## Task brief
Which lines in the records below contain the word "height"? Return each of them.

Records from a dataset:
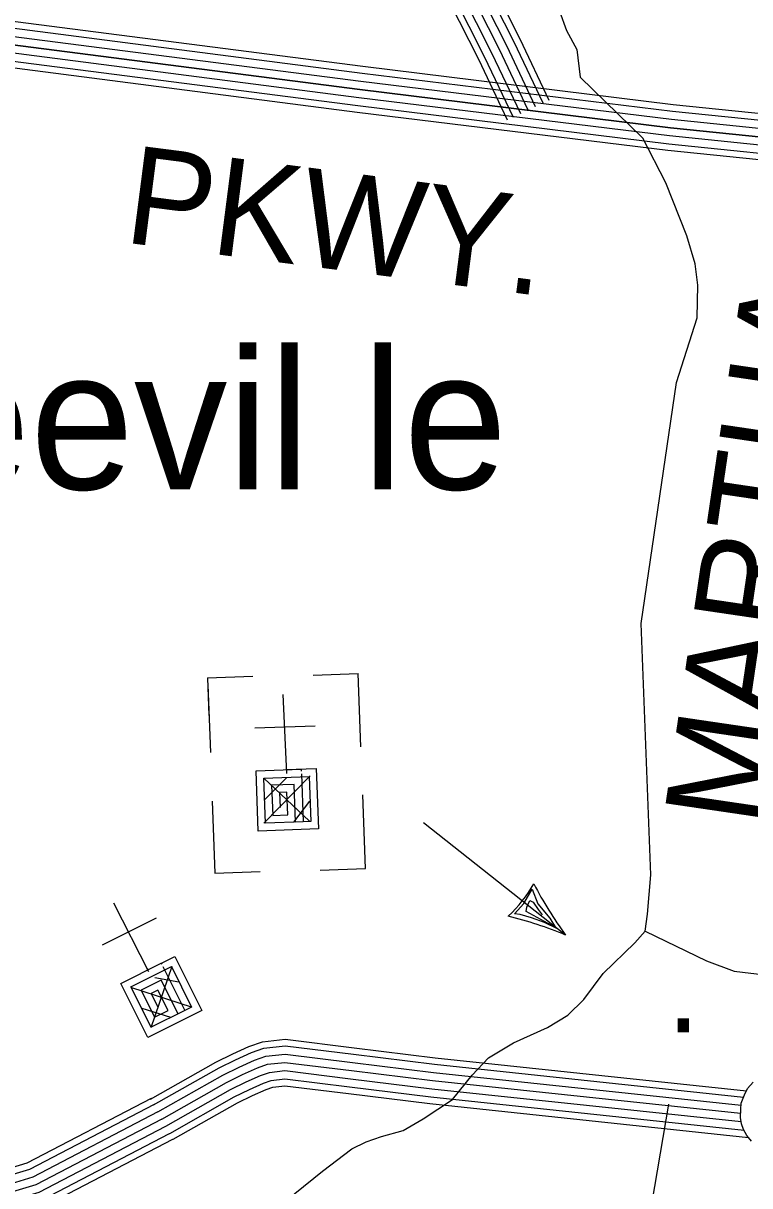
# Model space of a CAD drawing. Extents: x 1788175 to 1969470, y 584502 to 738744.
# Drawn here: x 1842257 to 1845006, y 676844 to 681239 of the extents above; entities that cross this region are included whole.
import ezdxf

# ---------------------------------------------------------------- set-up
doc = ezdxf.new("R2010")
doc.units = 0
for name, color, linetype in [('DESIGN - ROW - Right-of-Way and Easement Labels', 7, 'Continuous'), ('DESIGN - TRANSPORTATION - Text', 7, 'Continuous'), ('DESIGN - UTILITIES - Cable (Overhead) with Text', 7, 'Continuous'), ('DESIGN - UTILITIES - Cable (Underground) with Text', 7, 'Continuous'), ('SURVEY - TRANSPORTATION - Roads', 7, 'Continuous'), ('SURVEY - VEGETATION - Features with Text', 7, 'Continuous')]:
    doc.layers.add(name, color=color, linetype=linetype)

msp = doc.modelspace()

# ---------------------------------------------------------------- linework, layer by layer
at = {"layer": 'DESIGN - TRANSPORTATION - Text'}
for points in [[(1843433, 681737), (1843459.2, 681678), (1843485.4, 681651.7), (1843524.8, 681632.1), (1843590.4, 681618.9), (1843656, 681599.3), (1843734.7, 681586.1), (1843813.4, 681579.6), (1843879, 681573), (1843951.1, 681546.8), (1844010.1, 681527.1), (1844056.1, 681507.4), (1844134.8, 681448.4), (1844193.8, 681409.1), (1844226.6, 681363.1), (1844285.6, 681284.4), (1844311.9, 681212.3), (1844351.2, 681140.1), (1844364.3, 681035.2), (1844601.7, 680804.7)], [(1844809.7, 680249.4), (1844799.7, 680329.8), (1844767.9, 680435.8), (1844688.6, 680635.4), (1844601.7, 680804.7)], [(1843180.4, 676730.3), (1843388.9, 676899.1), (1843500.1, 676983.4), (1843554.4, 677010.5), (1843612.6, 677029.6), (1843694.9, 677052.3), (1843769.5, 677097.2), (1843880.5, 677169.5), (1843955.9, 677262.3), (1844016.9, 677327.4), (1844111.6, 677384), (1844240.4, 677441.9), (1844317.1, 677488.8), (1844377.9, 677547.8), (1844451.4, 677646.8), (1844571.1, 677762.9), (1844609.7, 677806.4), (1844618.7, 677870.3), (1844630.8, 678019.1), (1844594.4, 678969.6), (1844729.1, 679881), (1844806.8, 680124.8), (1844809.7, 680249.4)], [(1844609.7, 677806.4), (1844841.7, 677694.6), (1844946.9, 677654.9), (1845062.5, 677641), (1845166.1, 677625.3), (1845269.6, 677601.7), (1845341.2, 677578.5), (1845404.5, 677571.5)]]:
    msp.add_lwpolyline(points, dxfattribs=at)
at = {"layer": 'DESIGN - UTILITIES - Cable (Overhead) with Text'}
for p, q in [((1844308.9, 677791.9), (1843771.6, 678215.5)), ((1844151.5, 677910.7), (1844182.7, 677965.6)), ((1844182.7, 677965.6), (1844204.5, 677909.4)), ((1844116.1, 677872.6), (1844151.5, 677910.7)), ((1844162.8, 677897.7), (1844173.4, 677923.1)), ((1844173.4, 677923.1), (1844186.4, 677915.6)), ((1844186.4, 677915.6), (1844205.4, 677888.4)), ((1844204.5, 677909.4), (1844249.4, 677855.1)), ((1844136.7, 677869.7), (1844116.1, 677872.6)), ((1844179.6, 677857.5), (1844136.7, 677869.7)), ((1844160.3, 677880.8), (1844162.8, 677897.7)), ((1844270.7, 677820.7), (1844160.3, 677880.8)), ((1844205.4, 677888.4), (1844220.7, 677868.4)), ((1844228.6, 677839.2), (1844179.6, 677857.5)), ((1844281.4, 677813.7), (1844228.6, 677839.2)), ((1844249.4, 677855.1), (1844270.7, 677820.7))]:
    msp.add_line(p, q, dxfattribs=at)
for centre, radius, start, end in [((1843727.1, 678250.6), 532.3, 313.3167, 330.1751), ((1845423.9, 678615.8), 1386.4, 207.0252, 216.4637), ((1843715.7, 676357.4), 1552.3, 67.5335, 75.9612)]:
    msp.add_arc(centre, radius, start, end, dxfattribs=at)
at = {"layer": 'DESIGN - UTILITIES - Cable (Underground) with Text'}
for p, q in [((1842954.6, 678764.1), (1843125.6, 678770.4)), ((1842954.6, 678764.1), (1842959.9, 678621.7)), ((1843353.7, 678774.6), (1843524.6, 678781)), ((1843534.9, 678503.7), (1843524.6, 678781)), ((1842955.6, 678738.5), (1842965.1, 678482.4)), ((1843361.9, 678582), (1843133.9, 678573.6)), ((1843552, 678043.1), (1843541.7, 678321.9)), ((1842971.9, 678297.9), (1842982, 678026.2)), ((1843381, 678036.7), (1843552, 678043.1)), ((1842982, 678026.2), (1843152.9, 678032.5)), ((1842760.4, 677855.5), (1842556.4, 677753.5))]:
    msp.add_line(p, q, dxfattribs=at)
for points in [[(1843238.9, 678701.5), (1843252.5, 678402.4)], [(1843251.6, 678421.4), (1843251.8, 678417.2), (1843365.8, 678421.4), (1843374.2, 678193.4), (1843146.3, 678185), (1843137.9, 678412.9), (1843308.8, 678419.3), (1843309.1, 678411.4)], [(1843342.6, 678394), (1843167.2, 678214.7)], [(1843309.5, 678401.5), (1843316.2, 678219.8), (1843173.7, 678214.5), (1843167.4, 678385.5), (1843338.4, 678391.8), (1843344.7, 678220.9), (1843287.7, 678218.8), (1843282.4, 678361.2), (1843197, 678358.1), (1843201.2, 678244.1), (1843258.2, 678246.2), (1843255, 678331.7), (1843226.5, 678330.6), (1843228.6, 678273.6)], [(1843167, 678384.4), (1843339.7, 678222.6)], [(1843254.9, 678387.7), (1843171.6, 678304.4)], [(1843340, 678298.3), (1843279.6, 678218.9)], [(1842599.1, 677913.3), (1842731.2, 677654.6)], [(1842726.2, 677664.3), (1842728.5, 677659.8), (1842830.5, 677710.8), (1842932.5, 677506.8), (1842728.5, 677404.8), (1842626.5, 677608.8), (1842779.5, 677685.3), (1842781.3, 677681.7)], [(1842785.9, 677672.6), (1842868.8, 677506.8), (1842741.2, 677443.1), (1842664.7, 677596), (1842817.8, 677672.6), (1842894.3, 677519.5), (1842843.3, 677494.1), (1842779.5, 677621.6), (1842703, 677583.3), (1842754, 677481.3), (1842805, 677506.8), (1842766.8, 677583.3), (1842741.2, 677570.6), (1842766.8, 677519.5)], [(1842819.3, 677673.4), (1842739.8, 677441.3)], [(1842755.4, 677631.7), (1842845.4, 677614.7)], [(1842666.8, 677593.8), (1842892.3, 677520.9)], [(1842705.9, 677515.6), (1842814.1, 677481.7)]]:
    msp.add_lwpolyline(points, dxfattribs=at)
at = {"layer": 'SURVEY - TRANSPORTATION - Roads'}
for points in [[(1844246.8, 680947.7), (1844137.1, 681178.6), (1843846.7, 681752.4), (1843754.5, 681949.6), (1843711.3, 681999.1), (1843670.8, 682040.8), (1843614.1, 682076.5), (1843508.5, 682101.9), (1842138.8, 682301.2), (1840817, 682504.2), (1840751.3, 682505), (1840674.7, 682481.8), (1840611.1, 682404.1), (1840586.9, 682273.6), (1840522.4, 681458.4), (1840519.6, 681415.3), (1840523.4, 681313.6), (1840628.6, 681271.9), (1841940.1, 681104.6)], [(1844223.6, 680936.6), (1844114, 681167.3), (1843823.6, 681741.2), (1843732.7, 681935.4), (1843692.4, 681981.7), (1843654.5, 682020.7), (1843603.9, 682052.5), (1843503.6, 682076.6), (1842135, 682275.7), (1840814.8, 682478.5), (1840755, 682479.2), (1840689.7, 682459.4), (1840635.2, 682392.9), (1840612.4, 682270.2), (1840548.1, 681456.6), (1840545.3, 681415), (1840548.5, 681331.3), (1840635.1, 681297), (1841943.4, 681130.1)], [(1844195.5, 680923.3), (1844086.2, 681153.6), (1843795.7, 681727.6), (1843706.5, 681918.3), (1843669.6, 681960.7), (1843634.9, 681996.4), (1843591.7, 682023.5), (1843497.8, 682046.1), (1842130.4, 682245.1), (1840812.3, 682447.5), (1840759.4, 682448.2), (1840707.7, 682432.5), (1840664.2, 682379.4), (1840643.2, 682266.1), (1840579, 681454.4), (1840576.4, 681414.5), (1840578.7, 681352.7), (1840642.9, 681327.3), (1841947.3, 681160.9)], [(1844167.5, 680910), (1844058.4, 681140), (1843767.8, 681714), (1843680.3, 681901.3), (1843646.8, 681939.7), (1843615.2, 681972.1), (1843579.5, 681994.6), (1843491.9, 682015.6), (1842125.8, 682214.4), (1840809.7, 682416.6), (1840763.8, 682417.1), (1840725.7, 682405.6), (1840693.2, 682365.9), (1840673.9, 682262.1), (1840609.9, 681452.1), (1840607.4, 681414.1), (1840608.9, 681374.1), (1840650.7, 681357.5), (1841951.2, 681191.6)], [(1844167.5, 680910), (1844058.4, 681140), (1843767.8, 681714), (1843680.3, 681901.3), (1843646.8, 681939.7), (1843615.2, 681972.1), (1843579.5, 681994.6), (1843491.9, 682015.6), (1842125.8, 682214.4), (1840809.7, 682416.6), (1840763.8, 682417.1), (1840725.7, 682405.6), (1840693.2, 682365.9), (1840673.9, 682262.1), (1840609.9, 681452.1), (1840607.4, 681414.1), (1840608.9, 681374.1), (1840650.7, 681357.5), (1841951.2, 681191.6)], [(1844139.5, 680896.7), (1844030.5, 681126.3), (1843740, 681700.5), (1843654, 681884.2), (1843624, 681918.7), (1843595.6, 681947.8), (1843567.3, 681965.6), (1843486, 681985.2), (1842121.2, 682183.7), (1840807.2, 682385.6), (1840768.2, 682386.1), (1840743.7, 682378.6), (1840722.2, 682352.4), (1840704.7, 682258), (1840640.8, 681449.9), (1840638.5, 681413.7), (1840639.1, 681395.4), (1840658.5, 681387.8), (1841955.1, 681222.4)], [(1844111.5, 680883.4), (1844002.7, 681112.7), (1843712.1, 681686.9), (1843627.8, 681867.1), (1843601.2, 681897.7), (1843576, 681923.6), (1843555.1, 681936.7), (1843480.2, 681954.7), (1842116.7, 682153.1), (1840804.6, 682354.6), (1840772.6, 682355), (1840761.7, 682351.7), (1840751.3, 682339), (1840735.5, 682253.9), (1840671.7, 681447.7), (1840669.5, 681413.3), (1840669.4, 681416.8), (1840666.2, 681418.1), (1841959.1, 681253.1)], [(1844089.2, 680872.8), (1843980.5, 681101.8), (1843689.9, 681676.1), (1843606.9, 681853.5), (1843583, 681880.9), (1843560.3, 681904.2), (1843545.4, 681913.6), (1843475.5, 681930.4), (1842113, 682128.6), (1840802.6, 682329.9), (1840776.1, 682330.2), (1840776.1, 682330.2), (1840774.4, 682328.2), (1840760, 682250.7), (1840696.4, 681445.9), (1840694.2, 681412.9), (1840693.5, 681433.9), (1840672.5, 681442.2), (1841962.2, 681277.6)], [(1845258.1, 680849.7), (1844712.9, 680905.5), (1843538.8, 681049.8), (1841959.1, 681253.1)], [(1845246.5, 680876.7), (1844715.8, 680931), (1843542, 681075.3), (1841962.4, 681278.6)], [(1845272.2, 680817.1), (1844709.4, 680874.7), (1843534.9, 681019), (1841955.2, 681222.4)], [(1845286.2, 680784.5), (1844706, 680843.9), (1843531, 680988.3), (1841951.2, 681191.6)], [(1841951.2, 681191.6), (1843531, 680988.3), (1844706, 680843.9), (1845286.2, 680784.5)], [(1845314.2, 680719.3), (1844699, 680782.2), (1843523.3, 680926.7), (1841943.3, 681130.1)], [(1845300.2, 680751.9), (1844702.5, 680813.1), (1843527.2, 680957.5), (1841947.3, 681160.9)], [(1845325.4, 680693.3), (1844696.3, 680757.7), (1843520.2, 680902.2), (1841940.1, 681105.6)], [(1842752.5, 677150.9), (1842281.1, 676905.2), (1842205.5, 676882.5), (1842120.9, 676876.5), (1841777.8, 676857.1), (1841519.9, 676876.4), (1840837.5, 676935.5), (1840541.1, 676955.2), (1840248.3, 676968.2), (1839929.4, 677013.8), (1839150.4, 677112), (1838885.6, 677163.7), (1838667.8, 677221.3), (1838273.2, 677373.4), (1836903.4, 678144.5)], [(1842740.6, 677173.7), (1842271.4, 676929.1), (1842200.8, 676908), (1842119.2, 676902.2), (1841778, 676882.8), (1841522, 676902), (1840839.5, 676961.1), (1840542.5, 676980.9), (1840250.7, 676993.9), (1839932.8, 677039.3), (1839154.5, 677137.4), (1838891.3, 677188.7), (1838675.8, 677245.8), (1838284.2, 677396.7), (1836916, 678166.9)], [(1842781.2, 677095.9), (1842304.6, 676847.5), (1842216.7, 676821.2), (1842124.9, 676814.6), (1841777.2, 676794.9), (1841514.9, 676814.6), (1840832.8, 676873.6), (1840537.6, 676893.3), (1840242.5, 676906.4), (1839921.1, 676952.3), (1839140.6, 677050.7), (1838871.7, 677103.2), (1838648.7, 677162.2), (1838246.7, 677317.1), (1836873, 678090.5)], [(1842781.2, 677095.9), (1842304.6, 676847.5), (1842216.7, 676821.2), (1842124.9, 676814.6), (1841777.2, 676794.9), (1841514.9, 676814.6), (1840832.8, 676873.6), (1840537.6, 676893.3), (1840242.5, 676906.4), (1839921.1, 676952.3), (1839140.6, 677050.7), (1838871.7, 677103.2), (1838648.7, 677162.2), (1838246.7, 677317.1), (1836873, 678090.5)], [(1842766.8, 677123.4), (1842292.9, 676876.3), (1842211.1, 676851.8), (1842122.9, 676845.6), (1841777.5, 676826), (1841517.4, 676845.5), (1840835.1, 676904.5), (1840539.3, 676924.3), (1840245.4, 676937.3), (1839925.2, 676983.1), (1839145.5, 677081.4), (1838878.6, 677133.4), (1838658.3, 677191.8), (1838260, 677345.2), (1836888.2, 678117.5)], [(1842795.5, 677068.4), (1842316.3, 676818.6), (1842222.3, 676790.5), (1842126.8, 676783.7), (1841777, 676763.9), (1841512.4, 676783.7), (1840830.4, 676842.7), (1840535.9, 676862.4), (1840239.6, 676875.5), (1839917, 676921.6), (1839135.7, 677020.1), (1838864.8, 677073), (1838639.1, 677132.7), (1838233.5, 677289), (1836857.8, 678063.5)], [(1842821.3, 677019), (1842337.3, 676766.7), (1842232.4, 676735.4), (1842130.4, 676728.1), (1841776.4, 676708), (1841507.9, 676728.2), (1840826.1, 676787.2), (1840532.8, 676806.7), (1840234.4, 676820), (1839909.5, 676866.4), (1839126.9, 676965.1), (1838852.3, 677018.6), (1838621.9, 677079.6), (1838209.7, 677238.5), (1836830.5, 678014.9)], [(1842809.8, 677040.9), (1842328, 676789.8), (1842227.9, 676759.8), (1842128.8, 676752.7), (1841776.7, 676732.8), (1841509.9, 676752.8), (1840828, 676811.8), (1840534.2, 676831.4), (1840236.7, 676844.6), (1839912.8, 676890.9), (1839130.8, 676989.5), (1838857.8, 677042.7), (1838629.6, 677103.2), (1838220.2, 677260.9), (1836842.6, 678036.5)], [(1842738.4, 677171.3), (1842986.3, 677311.8), (1843050.2, 677342.9), (1843110.8, 677370.2), (1843161.9, 677388.3), (1843248, 677397.7), (1843509.3, 677365.4), (1843815.8, 677327.7), (1844993.2, 677202.7)], [(1842750.6, 677149.8), (1842997.8, 677289.9), (1843060.7, 677320.5), (1843120.1, 677347.2), (1843167.4, 677364.1), (1843247.8, 677372.8), (1843506.3, 677340.9), (1843813, 677303.2), (1844982.5, 677179)], [(1842765.9, 677122.9), (1843012.2, 677262.5), (1843073.8, 677292.4), (1843131.6, 677318.5), (1843174.4, 677333.6), (1843247.6, 677341.6), (1843502.5, 677310.1), (1843809.4, 677272.4), (1844972.8, 677148.8)], [(1842781.2, 677095.9), (1843026.6, 677235), (1843087, 677264.3), (1843143.2, 677289.7), (1843181.3, 677303.2), (1843247.4, 677310.4), (1843498.7, 677279.3), (1843805.9, 677241.6), (1844970.9, 677117.9)], [(1842781.2, 677095.9), (1843026.6, 677235), (1843087, 677264.3), (1843143.2, 677289.7), (1843181.3, 677303.2), (1843247.4, 677310.4), (1843498.7, 677279.3), (1843805.9, 677241.6), (1844970.9, 677117.9)], [(1842796.5, 677068.9), (1843041.1, 677207.6), (1843100.1, 677236.3), (1843154.8, 677260.9), (1843188.3, 677272.8), (1843247.1, 677279.2), (1843494.9, 677248.6), (1843802.4, 677210.8), (1844973, 677086.5)], [(1842811.7, 677042), (1843055.5, 677180.1), (1843113.2, 677208.2), (1843166.4, 677232.1), (1843195.3, 677242.4), (1843246.9, 677248), (1843491.1, 677217.8), (1843798.9, 677180), (1844984, 677054.1)], [(1842824.4, 677019.6), (1843067.5, 677157.4), (1843124.1, 677184.9), (1843176, 677208.2), (1843201, 677217.1), (1843246.7, 677222.1), (1843488, 677192.3), (1843795.9, 677154.4), (1845001.1, 677026.4)], [(1844698.7, 677152.6), (1844623.2, 676714.9), (1844626.5, 676664.8), (1844642.3, 676644.6), (1844682.1, 676636.1), (1845043.2, 676598)]]:
    msp.add_lwpolyline(points, dxfattribs=at)
at = {"layer": 'SURVEY - VEGETATION - Features with Text'}
msp.add_lwpolyline([(1845011.6, 677013.2), (1844994.7, 677034.5), (1844982.5, 677056.8), (1844974.5, 677077.6), (1844970.4, 677101.5), (1844971.5, 677133.9), (1844973.5, 677156.3), (1844985.8, 677187.3), (1844997.2, 677211.1), (1845018.7, 677235.9)], dxfattribs=at)

# ---------------------------------------------------------------- texts
at = {"layer": 'DESIGN - ROW - Right-of-Way and Easement Labels'}
for s, rotation, p in [('PKWY.', 352.665, (1842632.2, 680411.3)), ('MARTHA', 81.6295, (1845047.5, 678195.8))]:
    msp.add_text(s, height=370, rotation=rotation, dxfattribs=at).set_placement(p)
at = {"layer": 'DESIGN - UTILITIES - Cable (Underground) with Text'}
msp.add_text('.', height=343, dxfattribs=at).set_placement((1844690.6, 677423.6))
at = {"layer": 'SURVEY - VEGETATION - Features with Text'}
msp.add_text('Leevil le', height=528, dxfattribs=at).set_placement((1841498.1, 679476.8))

doc.saveas('drawing.dxf')

## Response to this exercise
    msp.add_text(s, height=370, rotation=rotation, dxfattribs=at).set_placement(p)
msp.add_text('.', height=343, dxfattribs=at).set_placement((1844690.6, 677423.6))
msp.add_text('Leevil le', height=528, dxfattribs=at).set_placement((1841498.1, 679476.8))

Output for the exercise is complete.